Train extraction dataset

I have 3 layout of invoices. 50 examples of each invoice. I have done the labeling session for this. Now I want to run an automated training extraction. See image below.

When I run the automated training, it gives an error. See error logs below:

[
{
“entityId”: “8cbad905-2f90-ee11-8925-0022489a7f9f”,
“timeStamp”: “2023-12-01T09:50:16.693Z”,
“level”: “INFO”,
“messageKey”: “EXPORT_STARTED”,
“messageParams”: {}
},
{
“entityId”: “8cbad905-2f90-ee11-8925-0022489a7f9f”,
“timeStamp”: “2023-12-01T09:50:25.6473644”,
“level”: “Information”,
“messageKey”: “Extraction Export Event: Status is: started”,
“messageParams”: null
},
{
“entityId”: “8cbad905-2f90-ee11-8925-0022489a7f9f”,
“timeStamp”: “2023-12-01T09:56:23.187Z”,
“level”: “ERROR”,
“messageKey”: “GENERIC_ERROR”,
“messageParams”: {}
},
{
“entityId”: “8cbad905-2f90-ee11-8925-0022489a7f9f”,
“timeStamp”: “2023-12-01T09:56:23.4729785”,
“level”: “Information”,
“messageKey”: “Extraction Export Event: Status is: error”,
“messageParams”: null
},
{
“entityId”: “8cbad905-2f90-ee11-8925-0022489a7f9f”,
“timeStamp”: “2023-12-01T09:56:23.4935431”,
“level”: “Error”,
“messageKey”: "Export failed: ",
“messageParams”: null
}
]

I am not sure what the issue is. Any advise?

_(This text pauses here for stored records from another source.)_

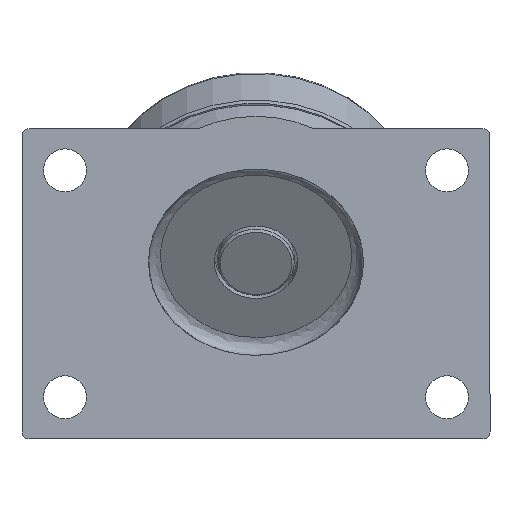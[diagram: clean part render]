
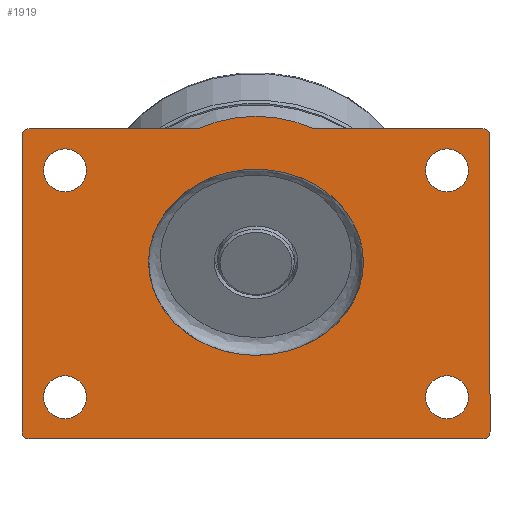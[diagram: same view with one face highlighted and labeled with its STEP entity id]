
A CAD part, front view. The second image highlights one B-rep face of the part: STEP entity #1919.
In plain terms, the highlighted planar face has unit normal (0, -1, 0) as drawn and (0, 0, -1) by its records, which use the part's own axes.
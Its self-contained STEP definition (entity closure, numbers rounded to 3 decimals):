
#36=ELLIPSE('',#2165,45.,38.971);
#44=ELLIPSE('',#2219,77.942,67.5);
#231=FACE_BOUND('',#503,.T.);
#232=FACE_BOUND('',#504,.T.);
#233=FACE_BOUND('',#505,.T.);
#234=FACE_BOUND('',#506,.T.);
#235=FACE_BOUND('',#507,.T.);
#265=PLANE('',#2216);
#356=FACE_OUTER_BOUND('',#502,.T.);
#502=EDGE_LOOP('',(#1579,#1580,#1581,#1582,#1583,#1584,#1585,#1586,#1587,
#1588));
#503=EDGE_LOOP('',(#1589));
#504=EDGE_LOOP('',(#1590));
#505=EDGE_LOOP('',(#1591));
#506=EDGE_LOOP('',(#1592));
#507=EDGE_LOOP('',(#1593));
#607=LINE('',#3627,#686);
#608=LINE('',#3631,#687);
#609=LINE('',#3635,#688);
#610=LINE('',#3639,#689);
#611=LINE('',#3642,#690);
#686=VECTOR('',#2704,124.);
#687=VECTOR('',#2707,70.869);
#688=VECTOR('',#2710,70.869);
#689=VECTOR('',#2713,124.);
#690=VECTOR('',#2716,190.);
#823=CIRCLE('',#2217,3.);
#824=CIRCLE('',#2218,3.);
#825=CIRCLE('',#2220,3.);
#826=CIRCLE('',#2221,3.);
#827=CIRCLE('',#2222,9.);
#828=CIRCLE('',#2223,9.);
#829=CIRCLE('',#2224,9.);
#830=CIRCLE('',#2225,9.);
#929=VERTEX_POINT('',#3355);
#971=VERTEX_POINT('',#3623);
#972=VERTEX_POINT('',#3624);
#973=VERTEX_POINT('',#3626);
#974=VERTEX_POINT('',#3628);
#975=VERTEX_POINT('',#3630);
#976=VERTEX_POINT('',#3632);
#977=VERTEX_POINT('',#3634);
#978=VERTEX_POINT('',#3636);
#979=VERTEX_POINT('',#3638);
#980=VERTEX_POINT('',#3640);
#981=VERTEX_POINT('',#3643);
#982=VERTEX_POINT('',#3645);
#983=VERTEX_POINT('',#3647);
#984=VERTEX_POINT('',#3649);
#1127=EDGE_CURVE('',#929,#929,#36,.T.);
#1187=EDGE_CURVE('',#971,#972,#823,.T.);
#1188=EDGE_CURVE('',#971,#973,#607,.T.);
#1189=EDGE_CURVE('',#974,#973,#824,.T.);
#1190=EDGE_CURVE('',#974,#975,#608,.T.);
#1191=EDGE_CURVE('',#976,#975,#44,.T.);
#1192=EDGE_CURVE('',#976,#977,#609,.T.);
#1193=EDGE_CURVE('',#978,#977,#825,.T.);
#1194=EDGE_CURVE('',#978,#979,#610,.T.);
#1195=EDGE_CURVE('',#980,#979,#826,.T.);
#1196=EDGE_CURVE('',#980,#972,#611,.T.);
#1197=EDGE_CURVE('',#981,#981,#827,.T.);
#1198=EDGE_CURVE('',#982,#982,#828,.T.);
#1199=EDGE_CURVE('',#983,#983,#829,.T.);
#1200=EDGE_CURVE('',#984,#984,#830,.T.);
#1579=ORIENTED_EDGE('',*,*,#1187,.F.);
#1580=ORIENTED_EDGE('',*,*,#1188,.T.);
#1581=ORIENTED_EDGE('',*,*,#1189,.F.);
#1582=ORIENTED_EDGE('',*,*,#1190,.T.);
#1583=ORIENTED_EDGE('',*,*,#1191,.F.);
#1584=ORIENTED_EDGE('',*,*,#1192,.T.);
#1585=ORIENTED_EDGE('',*,*,#1193,.F.);
#1586=ORIENTED_EDGE('',*,*,#1194,.T.);
#1587=ORIENTED_EDGE('',*,*,#1195,.F.);
#1588=ORIENTED_EDGE('',*,*,#1196,.T.);
#1589=ORIENTED_EDGE('',*,*,#1127,.T.);
#1590=ORIENTED_EDGE('',*,*,#1197,.T.);
#1591=ORIENTED_EDGE('',*,*,#1198,.T.);
#1592=ORIENTED_EDGE('',*,*,#1199,.T.);
#1593=ORIENTED_EDGE('',*,*,#1200,.T.);
#1919=ADVANCED_FACE('',(#356,#231,#232,#233,#234,#235),#265,.T.);
#2165=AXIS2_PLACEMENT_3D('',#3356,#2581,#2582);
#2216=AXIS2_PLACEMENT_3D('',#3622,#2700,#2701);
#2217=AXIS2_PLACEMENT_3D('',#3625,#2702,#2703);
#2218=AXIS2_PLACEMENT_3D('',#3629,#2705,#2706);
#2219=AXIS2_PLACEMENT_3D('',#3633,#2708,#2709);
#2220=AXIS2_PLACEMENT_3D('',#3637,#2711,#2712);
#2221=AXIS2_PLACEMENT_3D('',#3641,#2714,#2715);
#2222=AXIS2_PLACEMENT_3D('',#3644,#2717,#2718);
#2223=AXIS2_PLACEMENT_3D('',#3646,#2719,#2720);
#2224=AXIS2_PLACEMENT_3D('',#3648,#2721,#2722);
#2225=AXIS2_PLACEMENT_3D('',#3650,#2723,#2724);
#2581=DIRECTION('center_axis',(0.,0.,1.));
#2582=DIRECTION('ref_axis',(-1.,0.,0.));
#2700=DIRECTION('center_axis',(0.,0.,-1.));
#2701=DIRECTION('ref_axis',(0.,1.,0.));
#2702=DIRECTION('center_axis',(0.,0.,1.));
#2703=DIRECTION('ref_axis',(0.707,0.707,0.));
#2704=DIRECTION('',(0.,-1.,0.));
#2705=DIRECTION('center_axis',(0.,0.,1.));
#2706=DIRECTION('ref_axis',(0.707,-0.707,0.));
#2707=DIRECTION('',(-1.,0.,0.));
#2708=DIRECTION('center_axis',(0.,0.,
1.));
#2709=DIRECTION('ref_axis',(0.,1.,0.));
#2710=DIRECTION('',(-1.,0.,0.));
#2711=DIRECTION('center_axis',(0.,0.,1.));
#2712=DIRECTION('ref_axis',(-0.707,-0.707,0.));
#2713=DIRECTION('',(0.,1.,0.));
#2714=DIRECTION('center_axis',(0.,0.,1.));
#2715=DIRECTION('ref_axis',(-0.707,0.707,0.));
#2716=DIRECTION('',(1.,0.,0.));
#2717=DIRECTION('center_axis',(0.,0.,1.));
#2718=DIRECTION('ref_axis',(1.,0.,0.));
#2719=DIRECTION('center_axis',(0.,0.,1.));
#2720=DIRECTION('ref_axis',(1.,0.,0.));
#2721=DIRECTION('center_axis',(0.,0.,1.));
#2722=DIRECTION('ref_axis',(1.,0.,0.));
#2723=DIRECTION('center_axis',(0.,0.,1.));
#2724=DIRECTION('ref_axis',(1.,0.,0.));
#3355=CARTESIAN_POINT('',(45.,14.,0.));
#3356=CARTESIAN_POINT('Origin',(0.,14.,0.));
#3622=CARTESIAN_POINT('Origin',(0.,23.01,0.));
#3623=CARTESIAN_POINT('',(98.,85.01,0.));
#3624=CARTESIAN_POINT('',(95.,88.01,0.));
#3625=CARTESIAN_POINT('Origin',(95.,85.01,0.));
#3626=CARTESIAN_POINT('',(98.,-38.99,0.));
#3627=CARTESIAN_POINT('',(98.,88.01,0.));
#3628=CARTESIAN_POINT('',(95.,-41.99,0.));
#3629=CARTESIAN_POINT('Origin',(95.,-38.99,0.));
#3630=CARTESIAN_POINT('',(24.131,-41.99,0.));
#3631=CARTESIAN_POINT('',(98.,-41.99,0.));
#3632=CARTESIAN_POINT('',(-24.131,-41.99,0.));
#3633=CARTESIAN_POINT('Origin',(0.,30.802,0.));
#3634=CARTESIAN_POINT('',(-95.,-41.99,0.));
#3635=CARTESIAN_POINT('',(98.,-41.99,0.));
#3636=CARTESIAN_POINT('',(-98.,-38.99,0.));
#3637=CARTESIAN_POINT('Origin',(-95.,-38.99,0.));
#3638=CARTESIAN_POINT('',(-98.,85.01,0.));
#3639=CARTESIAN_POINT('',(-98.,-41.99,0.));
#3640=CARTESIAN_POINT('',(-95.,88.01,0.));
#3641=CARTESIAN_POINT('Origin',(-95.,85.01,0.));
#3642=CARTESIAN_POINT('',(-98.,88.01,0.));
#3643=CARTESIAN_POINT('',(-89.,-24.49,0.));
#3644=CARTESIAN_POINT('Origin',(-80.,-24.49,0.));
#3645=CARTESIAN_POINT('',(71.,70.51,0.));
#3646=CARTESIAN_POINT('Origin',(80.,70.51,0.));
#3647=CARTESIAN_POINT('',(-89.,70.51,0.));
#3648=CARTESIAN_POINT('Origin',(-80.,70.51,0.));
#3649=CARTESIAN_POINT('',(71.,-24.49,0.));
#3650=CARTESIAN_POINT('Origin',(80.,-24.49,0.));

The error logs you provided indicate a generic error during the extraction export process. Unfortunately, the logs don’t provide specific details about the nature of the error. However, some general advice on how to troubleshoot and address such issues going forward

  1. Check Data Quality:
  • Ensure that the labelled data is accurate and representative of the actual invoices. If there are inaccuracies in the labelling, it can affect the model’s performance.
  1. Review Labeling Schema:
  • Verify that the labelling schema used during the labelling session is consistent with the expectations of the automated training system. Check if the labels and entities match the requirements of the extraction model.
  1. Input Format:
  • Confirm that the input format (image or other data) provided for training matches the expected format by the automated training system. The error might be due to a mismatch in the data format.
  1. Model Configuration:
  • Check the configuration settings for the automated training process. Ensure that the model parameters, hyperparameters, and other settings are appropriate for your task.
  1. Data Volume:
  • Assess if the amount of training data is sufficient for the model to learn the extraction patterns. If the dataset is too small or lacks diversity, the model may struggle to generalize.
  1. Resource Availability:
  • Ensure that there are no resource constraints during the training process. Insufficient memory, processing power, or disk space can lead to errors.
  1. Review Documentation:
  • Consult the documentation provided by the automated training platform for any specific requirements or troubleshooting steps. There might be platform-specific considerations that need attention.
  1. Contact Support:
  • If the issue persists and you can’t identify the root cause, consider reaching out to the support team of the automated training platform. They may be able to provide specific insights based on the platform’s internals.
  1. Logs and Debugging:
  • Enable additional logging or debugging options if available. This might provide more detailed information about the error, helping you pinpoint the issue.
  1. Iterative Testing:
  • If possible, conduct iterative testing by making small changes to the input data or training parameters to identify when the error occurs and under what conditions.

Go to the labelling session and make sure you have at least 10 samples marked for each field (each field is marked atleast in 10 docs). Also, there is an export button on data labelling session, try once from there and see if its throwing any error.

The issue resolved itself. There is no clear reason why or how the issue solved itself.